If you are using option.rolling_batch=scheduler, this deprecation impacts you. The Sequence Scheduler Rolling Batch enabled continuous batching behavior using the HuggingFace Transformers Library. This implementation is no longer needed as vLLM supports the same set of models that Sequence Scheduler did with better performance. To migrate from the sequence scheduler rolling batch, we recommend you move to vLLM by specifying option.rolling_batch=vllm. More details on the vLLM rolling batch implementation can be found in the vllm user guide.

If you still require using the Sequence Scheduler implementation, you can use LMI v14.

LMI-Dist Deprecation¶

If you are using option.rolling_batch=lmi-dist, this deprecation impacts you. The LMI-Dist Rolling Batch has not been updated since LMI v12. We are deprecating LMI-Dist in favor of vLLM. We expect that existing users of lmi-dist can easily transfer to vLLM, as LMI-Dist was largely based on vLLM.

To migrate from lmi-dist to vLLM, you must take the following actions:

disable MPI mode by setting engine=Python and option.mpi_mode=false
swap rolling batch to vllm by setting option.rolling_batch=vllm

You can also explore the new async mode support for vLLM here.
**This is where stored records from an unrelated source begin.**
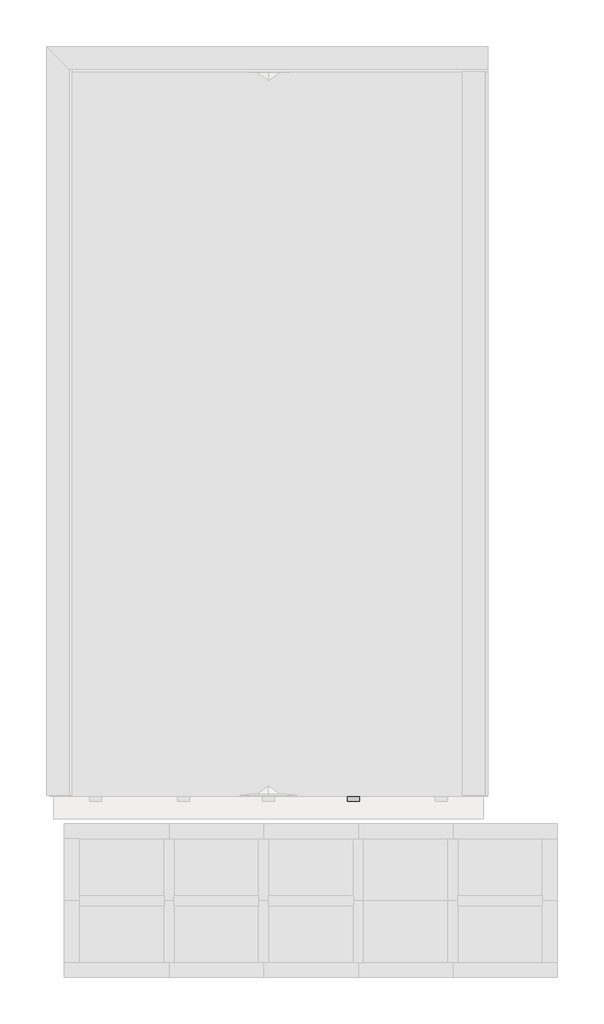
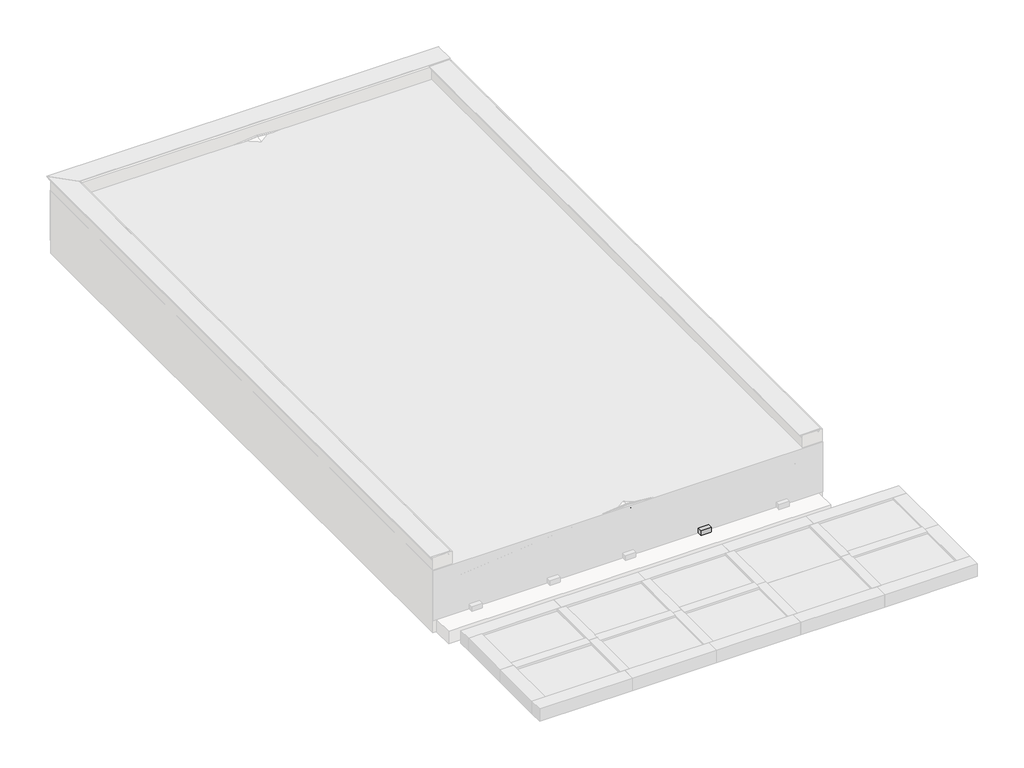
# One storey, part 2 of 3: 37 beams, 6 columns.
"""IFC4 building model written with IfcOpenShell, lengths in millimetres."""

import ifcopenshell
import ifcopenshell.guid

model = None  # the IFC model being written
_history = None  # IfcOwnerHistory: only IFC2X3 demands one
_inside = {}  # id of a spatial element -> (the spatial element, [elements in it])
_under = {}  # id of a project, library or spatial element -> (it, [spatial elements below it])
_declared = {}  # id of a project -> (the project, [libraries it declares])
_typed = {}  # id of a type object -> (the type object, [elements of that type])
_made_of = {}  # id of a material, layer set ... -> (it, [elements and type objects made of it])


def new_model(schema):
    """Start an empty IFC model of exactly this schema.

    Asked for "IFC4X3", IfcOpenShell would pick the latest addendum, in which some entities
    have other attributes; the version numbers below select the first issue.
    IFC2X3 requires an IfcOwnerHistory on every rooted entity: one is made here for all.
    """
    global model, _history
    if schema == "IFC4X3":
        model = ifcopenshell.file(schema_version=(4, 3, 0, 0))
    else:
        model = ifcopenshell.file(schema=schema)
    _inside.clear()
    _under.clear()
    _declared.clear()
    _typed.clear()
    _made_of.clear()
    _history = None
    if model.schema == "IFC2X3":
        org = make("IfcOrganization", Name="unknown")
        user = make(
            "IfcPersonAndOrganization",
            ThePerson=make("IfcPerson", FamilyName="unknown"),
            TheOrganization=org,
        )
        app = make(
            "IfcApplication",
            ApplicationDeveloper=org,
            Version="unknown",
            ApplicationFullName="unknown",
            ApplicationIdentifier="unknown",
        )
        _history = make(
            "IfcOwnerHistory",
            OwningUser=user,
            OwningApplication=app,
            ChangeAction="ADDED",
            CreationDate=0,
        )
    return model


def make(cls, **values):
    """One entity of the class cls with the attributes given. An attribute that is None is left unset."""
    return model.create_entity(
        cls, **{name: value for name, value in values.items() if value is not None}
    )


def rooted(cls, **values):
    """An entity with a GlobalId (a new one), such as an element, a storey or a relation."""
    return make(cls, GlobalId=ifcopenshell.guid.new(), OwnerHistory=_history, **values)


def si_unit(unit_type, name, prefix=None):
    """IfcSIUnit, for example si_unit("LENGTHUNIT", "METRE", prefix="MILLI")."""
    return make("IfcSIUnit", UnitType=unit_type, Prefix=prefix, Name=name)


def assignment(units):
    """IfcUnitAssignment: the units of a project."""
    return None if units is None else make("IfcUnitAssignment", Units=units)


def point(xyz):
    """IfcCartesianPoint."""
    return None if xyz is None else make("IfcCartesianPoint", Coordinates=xyz)


def direction(xyz):
    """IfcDirection."""
    return None if xyz is None else make("IfcDirection", DirectionRatios=xyz)


def frame(location, z_axis=None, x_axis=None):
    """IfcAxis2Placement3D, a coordinate frame: its origin and axes. An axis left out is left unset."""
    return make(
        "IfcAxis2Placement3D",
        Location=point(location),
        Axis=direction(z_axis),
        RefDirection=direction(x_axis),
    )


def frame_2d(location, x_axis=None):
    """IfcAxis2Placement2D, a coordinate frame in the plane: its origin and x axis."""
    return make(
        "IfcAxis2Placement2D", Location=point(location), RefDirection=direction(x_axis)
    )


def origin():
    """The frame at (0, 0, 0) with its axes left unset."""
    return frame((0.0, 0.0, 0.0))


def place(relative_to, where):
    """IfcLocalPlacement: puts the frame where relative to a parent placement (None: the world)."""
    return make(
        "IfcLocalPlacement", PlacementRelTo=relative_to, RelativePlacement=where
    )


def context(
    kind, dimensions, precision=None, world=None, true_north=None, identifier=None
):
    """IfcGeometricRepresentationContext, for example the 3D "Model" context."""
    return make(
        "IfcGeometricRepresentationContext",
        ContextIdentifier=identifier,
        ContextType=kind,
        CoordinateSpaceDimension=dimensions,
        Precision=precision,
        WorldCoordinateSystem=world,
        TrueNorth=true_north,
    )


def project(units=None, contexts=None):
    """IfcProject with its units and contexts."""
    return rooted(
        "IfcProject",
        Name="project",
        RepresentationContexts=contexts,
        UnitsInContext=assignment(units),
    )


def spatial(cls, under=None, at=None, **own):
    """A site, building, storey or space (cls), placed at a placement, below another one or the project."""
    s = rooted(cls, ObjectPlacement=at, **own)
    if under is not None:
        _under.setdefault(under.id(), (under, []))[1].append(s)
    return s


def polyline(points):
    """IfcPolyline through the points."""
    return make("IfcPolyline", Points=[point(p) for p in points])


def circle_curve(where, radius):
    """IfcCircle in the frame where."""
    return make("IfcCircle", Position=where, Radius=radius)


def trimmed(basis, trim1, trim2, sense, master):
    """IfcTrimmedCurve: the piece of a basis curve between two trims."""
    return make(
        "IfcTrimmedCurve",
        BasisCurve=basis,
        Trim1=trim1,
        Trim2=trim2,
        SenseAgreement=sense,
        MasterRepresentation=master,
    )


def segment(curve, same_sense, transition):
    """IfcCompositeCurveSegment."""
    return make(
        "IfcCompositeCurveSegment",
        Transition=transition,
        SameSense=same_sense,
        ParentCurve=curve,
    )


def composite_curve(segments, self_intersect=None):
    """IfcCompositeCurve: segments joined end to end."""
    return make("IfcCompositeCurve", Segments=segments, SelfIntersect=self_intersect)


def outline(outer, holes=None, kind="AREA"):
    """IfcArbitraryClosedProfileDef: a profile drawn as a closed curve; with holes, ...WithVoids."""
    if holes is None:
        return make("IfcArbitraryClosedProfileDef", ProfileType=kind, OuterCurve=outer)
    return make(
        "IfcArbitraryProfileDefWithVoids",
        ProfileType=kind,
        OuterCurve=outer,
        InnerCurves=holes,
    )


def extrude(swept, where, along, depth):
    """IfcExtrudedAreaSolid: the profile swept, set in the frame where, extruded along a direction by depth."""
    return make(
        "IfcExtrudedAreaSolid",
        SweptArea=swept,
        Position=where,
        ExtrudedDirection=direction(along),
        Depth=depth,
    )


def shape(context_of_items, identifier, shape_type, items):
    """IfcShapeRepresentation: the items that make up one representation, for example the "Body"."""
    return make(
        "IfcShapeRepresentation",
        ContextOfItems=context_of_items,
        RepresentationIdentifier=identifier,
        RepresentationType=shape_type,
        Items=items,
    )


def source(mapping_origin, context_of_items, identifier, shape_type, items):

We have tested this migration process for models and use-cases in our LMI-Dist Integration tests. The following use-cases in LMI-Dist will not work with vLLM:

using Tensor Parallel>1 and Pipeline Parallel>1 in addition to draft model speculative decoding
multi-node inference

If neither of those use-cases apply to you, we expect a seamless transition to vLLM.